>>>>>

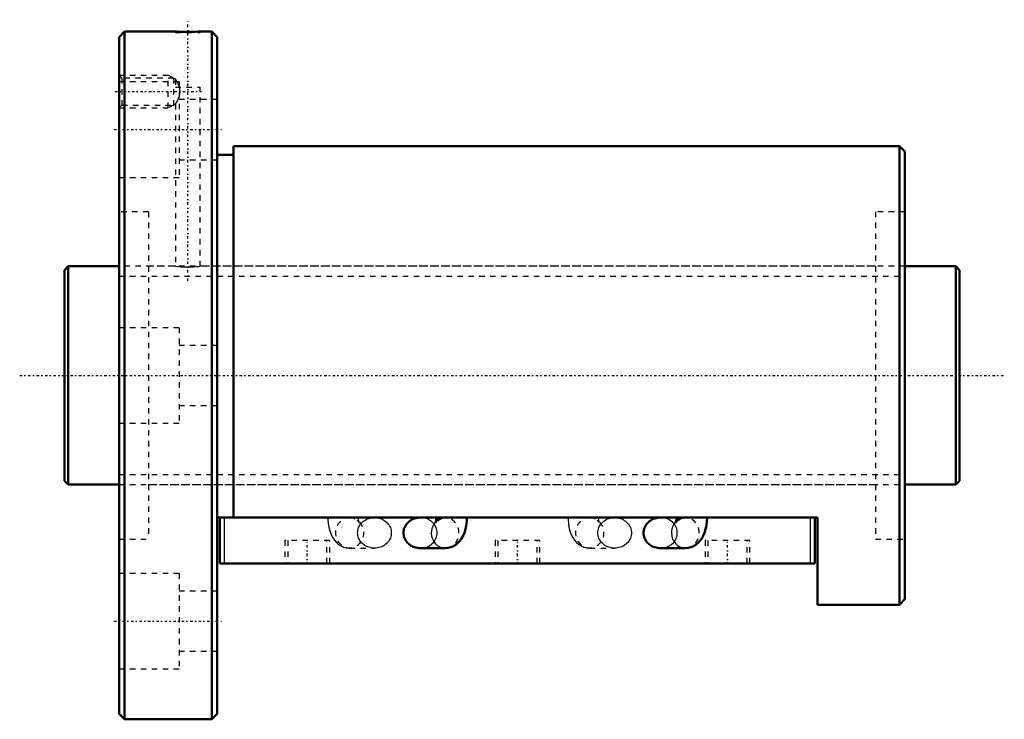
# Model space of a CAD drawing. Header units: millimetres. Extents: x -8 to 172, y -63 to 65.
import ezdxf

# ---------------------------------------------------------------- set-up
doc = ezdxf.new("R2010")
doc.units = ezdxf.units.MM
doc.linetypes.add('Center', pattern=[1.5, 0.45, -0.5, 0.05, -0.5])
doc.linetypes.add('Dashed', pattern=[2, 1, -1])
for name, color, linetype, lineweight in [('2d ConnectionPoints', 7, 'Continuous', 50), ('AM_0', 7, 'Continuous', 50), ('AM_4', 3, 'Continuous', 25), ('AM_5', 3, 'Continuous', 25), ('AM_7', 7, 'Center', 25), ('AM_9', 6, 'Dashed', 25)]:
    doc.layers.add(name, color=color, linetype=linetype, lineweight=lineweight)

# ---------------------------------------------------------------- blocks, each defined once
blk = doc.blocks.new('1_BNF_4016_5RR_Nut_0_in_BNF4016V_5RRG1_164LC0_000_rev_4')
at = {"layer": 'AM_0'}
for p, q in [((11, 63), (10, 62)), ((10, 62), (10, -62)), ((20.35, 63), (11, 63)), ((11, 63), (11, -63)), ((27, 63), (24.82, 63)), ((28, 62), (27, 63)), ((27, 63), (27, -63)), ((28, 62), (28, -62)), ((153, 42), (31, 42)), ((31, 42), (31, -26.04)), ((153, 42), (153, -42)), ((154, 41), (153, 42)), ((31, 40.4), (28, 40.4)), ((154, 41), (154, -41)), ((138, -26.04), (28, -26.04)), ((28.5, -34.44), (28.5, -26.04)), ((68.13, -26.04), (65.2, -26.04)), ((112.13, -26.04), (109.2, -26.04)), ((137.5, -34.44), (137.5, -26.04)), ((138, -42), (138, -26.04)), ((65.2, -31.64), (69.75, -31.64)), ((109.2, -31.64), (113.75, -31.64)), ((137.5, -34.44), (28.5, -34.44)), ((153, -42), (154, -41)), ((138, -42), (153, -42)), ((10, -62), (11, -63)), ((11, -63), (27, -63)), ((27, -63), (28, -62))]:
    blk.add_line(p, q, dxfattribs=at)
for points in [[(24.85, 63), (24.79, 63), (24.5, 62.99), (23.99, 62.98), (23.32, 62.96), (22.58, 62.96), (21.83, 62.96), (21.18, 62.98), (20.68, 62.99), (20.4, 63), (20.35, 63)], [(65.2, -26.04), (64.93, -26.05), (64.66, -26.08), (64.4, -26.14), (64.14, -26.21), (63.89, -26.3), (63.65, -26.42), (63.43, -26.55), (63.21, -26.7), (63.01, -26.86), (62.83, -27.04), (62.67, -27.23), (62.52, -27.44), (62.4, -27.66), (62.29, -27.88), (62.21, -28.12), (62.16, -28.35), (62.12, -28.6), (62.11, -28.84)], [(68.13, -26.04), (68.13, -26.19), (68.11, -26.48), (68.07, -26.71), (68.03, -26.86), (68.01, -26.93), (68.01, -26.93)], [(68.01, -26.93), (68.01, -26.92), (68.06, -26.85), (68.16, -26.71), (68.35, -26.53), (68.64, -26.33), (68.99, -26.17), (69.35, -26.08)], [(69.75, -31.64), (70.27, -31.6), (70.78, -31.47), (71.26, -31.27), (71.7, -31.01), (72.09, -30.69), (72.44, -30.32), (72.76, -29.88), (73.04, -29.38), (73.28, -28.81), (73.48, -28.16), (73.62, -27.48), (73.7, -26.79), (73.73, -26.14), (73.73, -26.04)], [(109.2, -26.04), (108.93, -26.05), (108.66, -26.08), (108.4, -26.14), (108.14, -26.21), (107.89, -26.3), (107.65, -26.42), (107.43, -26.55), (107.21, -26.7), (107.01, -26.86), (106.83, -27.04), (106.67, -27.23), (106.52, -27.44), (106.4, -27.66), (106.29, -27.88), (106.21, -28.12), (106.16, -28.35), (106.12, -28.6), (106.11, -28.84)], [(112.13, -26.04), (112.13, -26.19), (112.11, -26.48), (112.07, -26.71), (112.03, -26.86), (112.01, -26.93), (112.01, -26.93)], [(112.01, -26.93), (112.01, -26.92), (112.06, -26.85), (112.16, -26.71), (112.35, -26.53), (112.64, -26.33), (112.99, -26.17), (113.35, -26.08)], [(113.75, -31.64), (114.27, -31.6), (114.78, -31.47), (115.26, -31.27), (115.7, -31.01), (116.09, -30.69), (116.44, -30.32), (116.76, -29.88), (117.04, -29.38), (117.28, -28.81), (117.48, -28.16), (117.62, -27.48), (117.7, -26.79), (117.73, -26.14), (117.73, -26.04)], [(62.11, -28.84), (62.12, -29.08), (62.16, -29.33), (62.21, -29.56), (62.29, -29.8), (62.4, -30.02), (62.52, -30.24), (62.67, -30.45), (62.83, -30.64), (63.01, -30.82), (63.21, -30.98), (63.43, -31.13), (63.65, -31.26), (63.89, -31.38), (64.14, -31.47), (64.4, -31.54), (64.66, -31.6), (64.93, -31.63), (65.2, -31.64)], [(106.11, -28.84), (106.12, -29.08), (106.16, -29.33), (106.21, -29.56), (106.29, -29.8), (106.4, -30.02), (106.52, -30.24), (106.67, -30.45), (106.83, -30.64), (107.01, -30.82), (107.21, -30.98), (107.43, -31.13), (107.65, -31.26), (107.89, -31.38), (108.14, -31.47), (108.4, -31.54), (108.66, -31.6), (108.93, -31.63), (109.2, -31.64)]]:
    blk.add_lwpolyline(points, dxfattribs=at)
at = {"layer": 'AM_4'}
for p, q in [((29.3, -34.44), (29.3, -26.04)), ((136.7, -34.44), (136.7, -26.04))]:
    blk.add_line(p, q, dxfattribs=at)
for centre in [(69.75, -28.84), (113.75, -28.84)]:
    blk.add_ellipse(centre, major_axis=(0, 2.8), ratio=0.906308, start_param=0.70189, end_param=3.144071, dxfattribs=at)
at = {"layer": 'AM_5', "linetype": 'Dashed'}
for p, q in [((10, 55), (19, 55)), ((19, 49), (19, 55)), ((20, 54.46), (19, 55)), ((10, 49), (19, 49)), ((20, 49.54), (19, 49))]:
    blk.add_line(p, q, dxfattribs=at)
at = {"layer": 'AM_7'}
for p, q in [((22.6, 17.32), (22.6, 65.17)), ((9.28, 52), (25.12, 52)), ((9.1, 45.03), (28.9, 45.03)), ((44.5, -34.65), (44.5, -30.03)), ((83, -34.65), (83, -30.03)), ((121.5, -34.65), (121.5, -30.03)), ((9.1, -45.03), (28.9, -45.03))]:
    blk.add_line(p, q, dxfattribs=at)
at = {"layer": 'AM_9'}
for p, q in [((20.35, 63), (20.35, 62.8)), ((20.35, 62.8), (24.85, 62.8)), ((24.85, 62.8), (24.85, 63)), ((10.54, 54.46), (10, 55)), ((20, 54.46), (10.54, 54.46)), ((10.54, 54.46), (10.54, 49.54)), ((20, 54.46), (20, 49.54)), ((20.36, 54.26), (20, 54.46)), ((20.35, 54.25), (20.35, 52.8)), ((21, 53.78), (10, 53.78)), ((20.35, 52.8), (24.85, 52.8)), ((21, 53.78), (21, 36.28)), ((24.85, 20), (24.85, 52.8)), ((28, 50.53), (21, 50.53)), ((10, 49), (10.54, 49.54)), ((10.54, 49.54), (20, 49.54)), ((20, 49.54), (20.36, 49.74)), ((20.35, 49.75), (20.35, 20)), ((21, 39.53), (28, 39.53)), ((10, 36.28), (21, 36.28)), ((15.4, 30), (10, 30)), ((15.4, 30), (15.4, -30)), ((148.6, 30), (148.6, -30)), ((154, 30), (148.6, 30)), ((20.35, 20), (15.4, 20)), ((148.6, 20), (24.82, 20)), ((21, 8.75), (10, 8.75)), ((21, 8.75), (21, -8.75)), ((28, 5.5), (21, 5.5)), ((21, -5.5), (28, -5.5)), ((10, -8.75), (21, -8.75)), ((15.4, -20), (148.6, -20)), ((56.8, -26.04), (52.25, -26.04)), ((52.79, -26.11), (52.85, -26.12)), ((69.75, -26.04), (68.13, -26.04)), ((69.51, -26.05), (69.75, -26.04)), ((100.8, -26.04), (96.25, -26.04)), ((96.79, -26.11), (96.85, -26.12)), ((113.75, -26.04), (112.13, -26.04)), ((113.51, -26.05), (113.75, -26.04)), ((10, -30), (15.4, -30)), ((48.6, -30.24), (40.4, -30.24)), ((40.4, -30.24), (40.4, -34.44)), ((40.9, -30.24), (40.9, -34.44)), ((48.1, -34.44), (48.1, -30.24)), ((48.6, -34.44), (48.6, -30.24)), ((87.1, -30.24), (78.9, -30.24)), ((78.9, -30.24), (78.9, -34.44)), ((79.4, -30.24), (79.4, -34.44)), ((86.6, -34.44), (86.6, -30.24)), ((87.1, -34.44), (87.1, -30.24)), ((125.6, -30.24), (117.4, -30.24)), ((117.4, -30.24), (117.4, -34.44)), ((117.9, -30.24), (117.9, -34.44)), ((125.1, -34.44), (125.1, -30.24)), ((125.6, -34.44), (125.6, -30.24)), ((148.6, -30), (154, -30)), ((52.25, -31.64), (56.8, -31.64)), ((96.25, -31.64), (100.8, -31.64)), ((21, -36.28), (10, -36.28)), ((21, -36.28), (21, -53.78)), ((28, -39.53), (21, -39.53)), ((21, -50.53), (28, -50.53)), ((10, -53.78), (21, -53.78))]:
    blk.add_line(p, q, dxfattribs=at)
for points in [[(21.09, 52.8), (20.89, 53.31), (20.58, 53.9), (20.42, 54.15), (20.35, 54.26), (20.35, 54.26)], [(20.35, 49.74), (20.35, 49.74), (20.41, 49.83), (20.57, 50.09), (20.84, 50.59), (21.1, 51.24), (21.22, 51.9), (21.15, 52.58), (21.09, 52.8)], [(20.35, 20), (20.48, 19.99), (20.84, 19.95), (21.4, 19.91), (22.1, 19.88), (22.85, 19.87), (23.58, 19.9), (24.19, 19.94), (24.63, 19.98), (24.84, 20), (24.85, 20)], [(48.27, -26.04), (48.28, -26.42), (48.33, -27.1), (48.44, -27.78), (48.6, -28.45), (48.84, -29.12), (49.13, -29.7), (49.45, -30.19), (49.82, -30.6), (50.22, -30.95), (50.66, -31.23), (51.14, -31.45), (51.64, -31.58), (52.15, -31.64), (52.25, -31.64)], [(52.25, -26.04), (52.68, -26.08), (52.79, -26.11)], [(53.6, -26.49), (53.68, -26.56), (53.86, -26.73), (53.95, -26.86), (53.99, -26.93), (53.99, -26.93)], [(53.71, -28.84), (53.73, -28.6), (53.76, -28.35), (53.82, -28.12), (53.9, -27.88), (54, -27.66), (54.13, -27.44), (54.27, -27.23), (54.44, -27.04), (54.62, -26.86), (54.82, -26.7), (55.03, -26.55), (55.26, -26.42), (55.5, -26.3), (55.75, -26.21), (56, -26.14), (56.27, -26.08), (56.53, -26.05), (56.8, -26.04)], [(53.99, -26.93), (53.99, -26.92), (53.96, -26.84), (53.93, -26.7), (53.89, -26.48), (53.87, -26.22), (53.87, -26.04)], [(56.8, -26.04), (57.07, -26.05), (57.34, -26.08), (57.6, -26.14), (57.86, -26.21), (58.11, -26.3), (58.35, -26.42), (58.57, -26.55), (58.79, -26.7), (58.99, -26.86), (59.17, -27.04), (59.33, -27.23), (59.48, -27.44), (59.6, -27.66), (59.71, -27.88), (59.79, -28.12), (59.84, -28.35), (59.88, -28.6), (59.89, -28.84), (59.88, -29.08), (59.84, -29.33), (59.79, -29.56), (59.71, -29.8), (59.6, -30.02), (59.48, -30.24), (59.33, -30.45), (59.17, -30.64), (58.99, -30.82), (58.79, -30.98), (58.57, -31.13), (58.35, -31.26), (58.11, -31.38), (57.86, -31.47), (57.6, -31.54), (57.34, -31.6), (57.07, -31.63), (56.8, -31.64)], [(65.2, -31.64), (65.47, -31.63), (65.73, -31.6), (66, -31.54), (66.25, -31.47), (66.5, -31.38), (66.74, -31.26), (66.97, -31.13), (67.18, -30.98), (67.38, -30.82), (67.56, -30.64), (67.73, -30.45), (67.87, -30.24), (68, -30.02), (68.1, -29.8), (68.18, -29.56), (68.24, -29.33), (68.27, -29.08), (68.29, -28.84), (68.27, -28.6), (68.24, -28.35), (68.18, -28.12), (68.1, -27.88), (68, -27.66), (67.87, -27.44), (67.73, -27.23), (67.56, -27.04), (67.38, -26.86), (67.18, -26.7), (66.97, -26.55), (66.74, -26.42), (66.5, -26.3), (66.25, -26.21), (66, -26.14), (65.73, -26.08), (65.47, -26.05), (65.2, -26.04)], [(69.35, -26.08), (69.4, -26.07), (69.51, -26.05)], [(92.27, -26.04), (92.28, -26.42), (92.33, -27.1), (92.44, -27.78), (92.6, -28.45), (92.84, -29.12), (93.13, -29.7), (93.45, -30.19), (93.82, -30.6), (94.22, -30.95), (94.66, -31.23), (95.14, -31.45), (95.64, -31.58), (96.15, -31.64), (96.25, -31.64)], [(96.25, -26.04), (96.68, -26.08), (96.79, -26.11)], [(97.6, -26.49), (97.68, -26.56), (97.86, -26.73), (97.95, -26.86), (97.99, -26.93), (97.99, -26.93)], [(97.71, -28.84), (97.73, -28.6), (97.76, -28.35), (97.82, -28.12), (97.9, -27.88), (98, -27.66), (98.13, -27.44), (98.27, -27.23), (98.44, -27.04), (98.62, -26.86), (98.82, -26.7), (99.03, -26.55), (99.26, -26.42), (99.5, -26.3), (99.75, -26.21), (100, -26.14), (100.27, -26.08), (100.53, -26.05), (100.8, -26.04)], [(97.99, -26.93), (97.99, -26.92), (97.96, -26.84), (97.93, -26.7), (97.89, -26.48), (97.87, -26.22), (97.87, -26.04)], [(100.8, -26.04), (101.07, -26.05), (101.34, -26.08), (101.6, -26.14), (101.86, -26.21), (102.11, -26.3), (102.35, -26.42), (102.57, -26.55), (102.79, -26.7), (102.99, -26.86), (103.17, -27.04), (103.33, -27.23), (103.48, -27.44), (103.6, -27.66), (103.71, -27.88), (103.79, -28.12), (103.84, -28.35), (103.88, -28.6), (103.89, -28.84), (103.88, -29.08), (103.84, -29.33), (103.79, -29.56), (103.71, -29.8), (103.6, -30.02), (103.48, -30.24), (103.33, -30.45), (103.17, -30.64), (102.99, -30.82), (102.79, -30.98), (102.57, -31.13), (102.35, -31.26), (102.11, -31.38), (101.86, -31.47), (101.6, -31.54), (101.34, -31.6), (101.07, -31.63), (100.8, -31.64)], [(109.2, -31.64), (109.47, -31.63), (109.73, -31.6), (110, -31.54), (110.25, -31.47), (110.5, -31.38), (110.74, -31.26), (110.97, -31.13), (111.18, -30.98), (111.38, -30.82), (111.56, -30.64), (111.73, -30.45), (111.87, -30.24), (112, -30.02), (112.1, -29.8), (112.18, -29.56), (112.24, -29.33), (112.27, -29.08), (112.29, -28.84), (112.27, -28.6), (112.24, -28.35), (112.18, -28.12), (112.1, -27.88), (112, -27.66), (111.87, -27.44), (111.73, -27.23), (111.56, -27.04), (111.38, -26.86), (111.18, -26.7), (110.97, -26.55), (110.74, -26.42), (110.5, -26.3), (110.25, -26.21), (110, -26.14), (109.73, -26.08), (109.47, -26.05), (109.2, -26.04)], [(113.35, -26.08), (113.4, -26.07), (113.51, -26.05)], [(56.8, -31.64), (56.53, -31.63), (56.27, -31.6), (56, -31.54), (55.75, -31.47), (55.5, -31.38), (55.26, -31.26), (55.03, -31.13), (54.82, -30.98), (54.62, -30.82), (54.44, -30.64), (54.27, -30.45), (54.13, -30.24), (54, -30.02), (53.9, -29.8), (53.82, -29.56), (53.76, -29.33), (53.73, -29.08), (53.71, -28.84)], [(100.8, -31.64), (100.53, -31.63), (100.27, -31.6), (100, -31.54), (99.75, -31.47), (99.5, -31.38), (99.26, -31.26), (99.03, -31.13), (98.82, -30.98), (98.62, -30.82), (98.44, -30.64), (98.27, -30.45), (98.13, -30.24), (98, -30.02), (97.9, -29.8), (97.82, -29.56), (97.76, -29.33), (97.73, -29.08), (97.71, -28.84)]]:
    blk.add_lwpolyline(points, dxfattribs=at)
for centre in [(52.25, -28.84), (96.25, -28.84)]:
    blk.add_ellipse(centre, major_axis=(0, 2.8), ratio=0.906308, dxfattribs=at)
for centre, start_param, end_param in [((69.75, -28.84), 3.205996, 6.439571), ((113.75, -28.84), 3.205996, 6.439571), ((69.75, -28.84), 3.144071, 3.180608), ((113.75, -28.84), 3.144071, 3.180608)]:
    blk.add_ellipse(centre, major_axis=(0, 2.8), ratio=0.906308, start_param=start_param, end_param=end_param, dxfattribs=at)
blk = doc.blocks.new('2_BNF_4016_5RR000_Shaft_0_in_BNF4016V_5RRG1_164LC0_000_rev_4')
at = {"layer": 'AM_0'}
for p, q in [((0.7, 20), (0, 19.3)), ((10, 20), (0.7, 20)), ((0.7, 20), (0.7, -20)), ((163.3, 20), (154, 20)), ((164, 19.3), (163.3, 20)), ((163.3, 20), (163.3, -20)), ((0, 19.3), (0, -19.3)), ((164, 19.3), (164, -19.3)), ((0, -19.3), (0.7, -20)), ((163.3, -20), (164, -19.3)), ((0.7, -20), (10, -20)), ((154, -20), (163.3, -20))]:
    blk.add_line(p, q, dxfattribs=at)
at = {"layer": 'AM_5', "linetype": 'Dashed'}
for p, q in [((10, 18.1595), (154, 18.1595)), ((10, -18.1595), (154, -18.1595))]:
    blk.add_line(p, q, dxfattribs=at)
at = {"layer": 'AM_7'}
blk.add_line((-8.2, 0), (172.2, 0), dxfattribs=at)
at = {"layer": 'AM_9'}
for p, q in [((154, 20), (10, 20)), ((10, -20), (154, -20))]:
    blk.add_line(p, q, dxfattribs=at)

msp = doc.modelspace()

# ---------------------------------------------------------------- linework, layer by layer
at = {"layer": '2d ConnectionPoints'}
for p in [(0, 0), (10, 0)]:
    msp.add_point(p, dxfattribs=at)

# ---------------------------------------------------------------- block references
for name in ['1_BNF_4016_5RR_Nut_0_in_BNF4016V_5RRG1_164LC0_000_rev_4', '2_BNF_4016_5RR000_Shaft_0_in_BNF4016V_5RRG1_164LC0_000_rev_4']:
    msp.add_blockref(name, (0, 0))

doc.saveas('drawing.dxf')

<<<<<

Scan the material for lines holding the word "ezdxf", count them, and give the result alone.

3